Shaw: How does the funding part work exactly?

Brown: It’s very much business casing to justify what we’re asking to build. So there’s the initial, “Demonstrate the benefits you want, and we’ll give you the money,” but then there needs to be transparency in performance tracking: Whether that’s revenue, efficiency, loyalty, whatever the value measure was: “Can you point to the benefits that you’ve been able to deliver?”.

Shaw: What are the factors that are holding you back? The potential obstacles that keep you awake at night?

Brown: To be honest, I don’t lose sleep over those obstacles. When I’m thinking about where we want to go, I’m not looking locally, I’m looking globally. I’m looking for global upper-quartile leaders who are doing this better than we are. And that’s what success looks like for me. And, you know, in many cases, whether it’s open banking or customer adoption of mobile, there’s a variety of reasons why those banks, global banks, are further along than we are.

Shaw: So, who would you put in that category of being further along?

Brown: There’s a number of banks in the UK and Scotland that are both full-service banks but also neobanks. Starling’s one that I look at — Bank of Scotland — there’s a number of global banks that I look to for inspiration. I hate to say this because it makes it seem like we’ve done the easy part — it wasn’t easy at the time – but if you compare it to the next tranche of transformation, we did the easy part, right? We’ve transformed the ways of working. We’ve transformed the UI or the glass. We’ve gone just below the skin. We’re not at the real core yet of where the transformation gets really difficult, where you start touching those legacy platforms that have been around for decades — how you build for speed and efficiency and automation. And so that’s the stuff that I worry about. That’s where we need to go, and how do we get everyone organized around getting there? Because that is the burning platform. They need to be really bold moves for the bank. We need to take a pretty aggressive approach to getting there and doing that in a thoughtful way. And it’s hard because like everyone else we’re figuring it out as we go. Migration to the cloud is not easy.

Shaw:  Talking about the next tranche of transformation, is the future of banking what’s going on in China today, which is mobile-first, cashless, cardless, embedded in everybody’s life, nobody’s thinking about it, it’s just a utility service, available at any time, on non-bank platforms?

Brown: Certainly, if I think about payments, in particular, they’re definitely at the forefront there. You look at India as well as another market where there’s a lot of innovation as it relates to payments. Embedded finance, which I think is really what you’re describing, is certainly the future. And if anyone’s used Apple Pay, you can just see where that’s going – moving away from passwords, moving away from having to verify yourself in a million different channels, moving away from having to enter your credit card details every time you want to pay something, that’s all friction, right? It’s all friction. And if it could be removed and avoided, you would just create a much better experience, and it still would be a very secure experience. So I like the future you’ve described. It sounds pretty cool.

Shaw: Ten years from now what does the banking experience look like for the average person?

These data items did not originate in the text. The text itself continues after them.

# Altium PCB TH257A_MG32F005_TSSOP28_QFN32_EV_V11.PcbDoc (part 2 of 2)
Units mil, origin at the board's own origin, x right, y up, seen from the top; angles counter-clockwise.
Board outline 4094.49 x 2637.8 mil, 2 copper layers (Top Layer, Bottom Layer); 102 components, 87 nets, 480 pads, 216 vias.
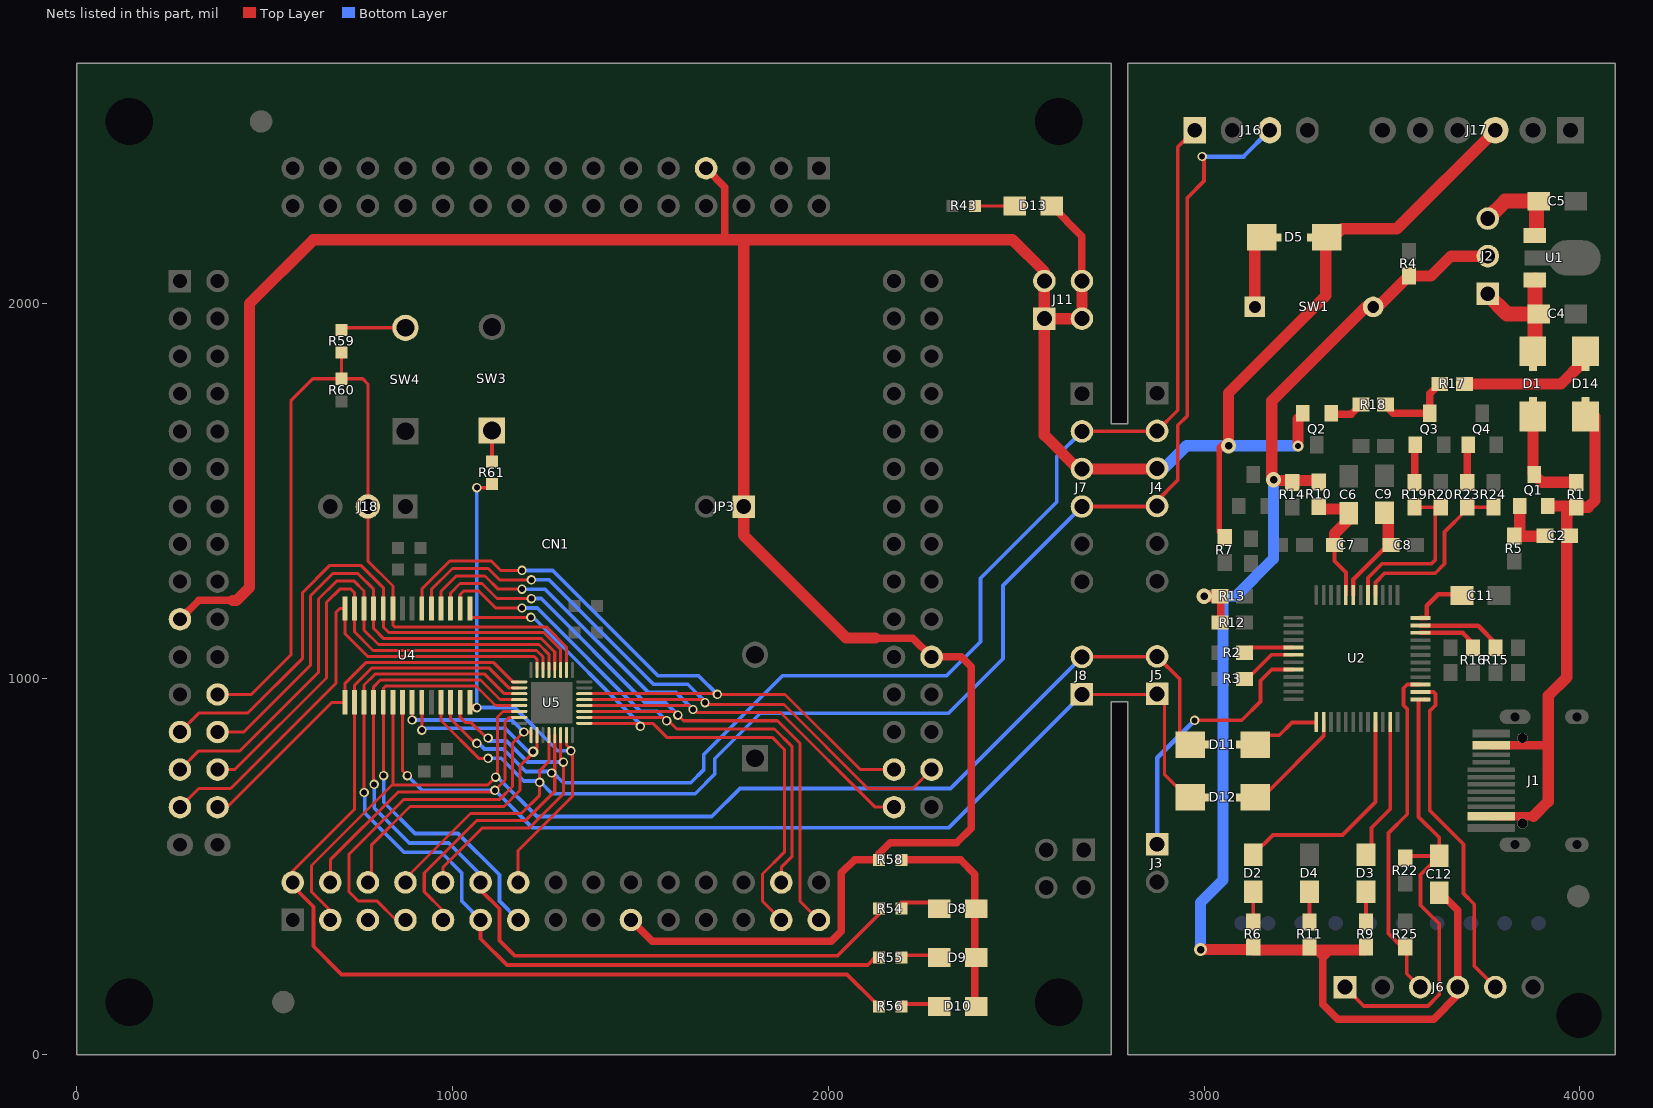
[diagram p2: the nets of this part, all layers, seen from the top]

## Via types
v1: diameter 20, hole 12, Top Layer to Bottom Layer, tented both sides, 135 vias
v2: diameter 25, hole 16, Top Layer to Bottom Layer, tented both sides, 45 vias
v3: diameter 30, hole 12, Top Layer to Bottom Layer, tented both sides, 17 vias
v4: diameter 25, hole 12, Top Layer to Bottom Layer, tented both sides, 7 vias
v5: diameter 28, hole 16, Top Layer to Bottom Layer, tented both sides, 3 vias
v6: diameter 40, hole 20, Top Layer to Bottom Layer, tented both sides, 3 vias
v7: diameter 30, hole 16, Top Layer to Bottom Layer, tented both sides, 3 vias
v8: diameter 50, hole 12, Top Layer to Bottom Layer, tented both sides, 1 vias
v9: diameter 35, hole 20, Top Layer to Bottom Layer, tented both sides, 1 vias
v10: diameter 15, hole 12, Top Layer to Bottom Layer, tented both sides, 1 vias

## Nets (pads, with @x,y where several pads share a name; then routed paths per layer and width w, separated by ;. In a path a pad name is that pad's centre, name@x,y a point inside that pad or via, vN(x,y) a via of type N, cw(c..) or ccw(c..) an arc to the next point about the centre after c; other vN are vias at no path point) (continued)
MLINK_RXD: CN1.3 D11.2 J5.2 J8.2 U4.6 U5.14 | length 3451.7
  Top Layer w8: CN1.3@675.04,358.74 675.04,383.74 625.04,433.74 625.04,503.74 839.04,717.74 841.65,717.74 ; U4.6@841.65,937.5 841.65,717.74 ; U5.14@1177.8,913.5 1134.8,913.5 1120.04,898.74 1120.04,743.74 v2(1115.04,738.74) 1094.04,717.74 841.65,717.74
  Top Layer w10: J8.2@2675.04,1058.74 J5.2@2875.04,1058.74 ; J5.2@2875.04,1060 2935.04,1000 2935.04,825 D11.2@2935.04,810
  Bottom Layer w10: v2@1117.54,741.24 1225.04,633.74 1690.04,633.74 1765.04,708.74 2325.04,708.74 J8.2@2675.04,1058.74
MLINK_TXD: CN1.4 D12.1 J5.1 J8.1 U4.7 U5.15 | length 3509.7
  Top Layer w8: CN1.4@675.04,458.74 675.04,518.74 855.04,698.74 1108.04,698.74 v2(1113.04,703.74) 1140.04,730.74 1140.04,886.47 1151.33,897.76 U5.15@1177.8,897.76 ; U4.7@867.24,937.5 867.24,755.54 v2(880.04,742.74) ; J8.1@2675.04,958.74 J5.1@2875.04,958.74 ; J5.1@2875.04,960 J5.1@2880.81,954.23 ; J5.1@2895.04,958 2895.04,745 D12.1@2948.43,691.61
  Bottom Layer w10: v2(880.04,742.74) 919.04,703.74 1104.54,703.74 1106.04,705.24 1110.29,700.99 v2@1113.04,700.99 ; v2(1113.04,703.74) 1213.04,603.74 2320.04,603.74 J8.1@2675.04,958.74
NetC2_2: C2.2 Q1.1 R5.2 | length 170
  Top Layer w30: R5.2@3825.04,1380 R5.2@3840.04,1380 ; Q1.1@3840.04,1465 Q1.1@3840.04,1460 R5.2@3840.04,1380 ; C2.2@3910.04,1380 3907,1380 R5.2@3840.04,1380
NetC6_1: C6.1 C7.2 R10.2 U2.44 | length 312.7
  Top Layer w11: C7.2@3347.04,1356.26 3347.04,1313.55 3377.23,1283.36 U2.44@3377.23,1223.13 ; C7.2@3362.59,1356.26 C7.2@3362.59,1365.26
  Top Layer w30: R10.2@3320.04,1452 3385,1452 C6.1@3385,1440.79 ; C7.2@3347.04,1356.26 3347.04,1386.45 C6.1@3383.59,1423
NetC8_2: C8.2 C9.1 U2.43 | length 261.6
  Top Layer w11: U2.43@3396.92,1223.13 3396.92,1264.18 C8.2@3490,1357.26
  Top Layer w30: C9.1@3480,1442.05 3490,1432.05 C8.2@3490,1357.26
NetC11_1: C11.1 U2.36 | length 149.7
  Top Layer w12: U2.36@3575.5,1162.16 3592.2,1162.16 3592.2,1194.68 3622.9,1225.39 C11.1@3679.94,1225.39
NetD1_1: D1.1 Q1.3 R1.2 | length 276.4
  Top Layer w30: D1.1@3875,1698.39 3875,1546.98 Q1.3@3878.04,1543.94 3898.98,1523 R1.2@3990.04,1523
NetD2_1: D2.1 R6.2 | length 97
  Top Layer w10: R6.2@3130.59,345 R6.2@3130.59,353.26 D2.1@3130.59,434.05 D2.1@3130.59,442
NetD3_1: D3.1 R9.2 | length 97
  Top Layer w10: R9.2@3430.59,345 R9.2@3430.59,353.26 D3.1@3430.59,434.05 D3.1@3430.59,442
NetD4_1: D4.1 R11.2 | length 97
  Top Layer w10: R11.2@3280.59,345 R11.2@3280.59,353.26 D4.1@3280.59,434.05 D4.1@3280.59,442
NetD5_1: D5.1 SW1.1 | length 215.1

Brown: The obstacles or pain points have all been removed. We’ve taken most of the friction out of the experience. I think customers are going to have a lot more choice. I think we’re going to give them better experiences. And generally, I think we’re going to be using our data in a more impactful way to guide them.

Shaw: Well, I’ve got through this interview without once asking about Bitcoin or cryptocurrency.

Brown: Well, thank you for that!

  1. Goeasy is an alternative lender that provides non-prime leasing and lending services through its easyfinancial, easyhome and LendCare brands.
  2. BMO’s Chief Digital Officer is Mathew Mehrotra.
  3. Open banking is a regulatory framework that allows for the safe transmission of financial information, such as account and transaction data, between institutions and to authorized third parties. It is not yet available in Canada.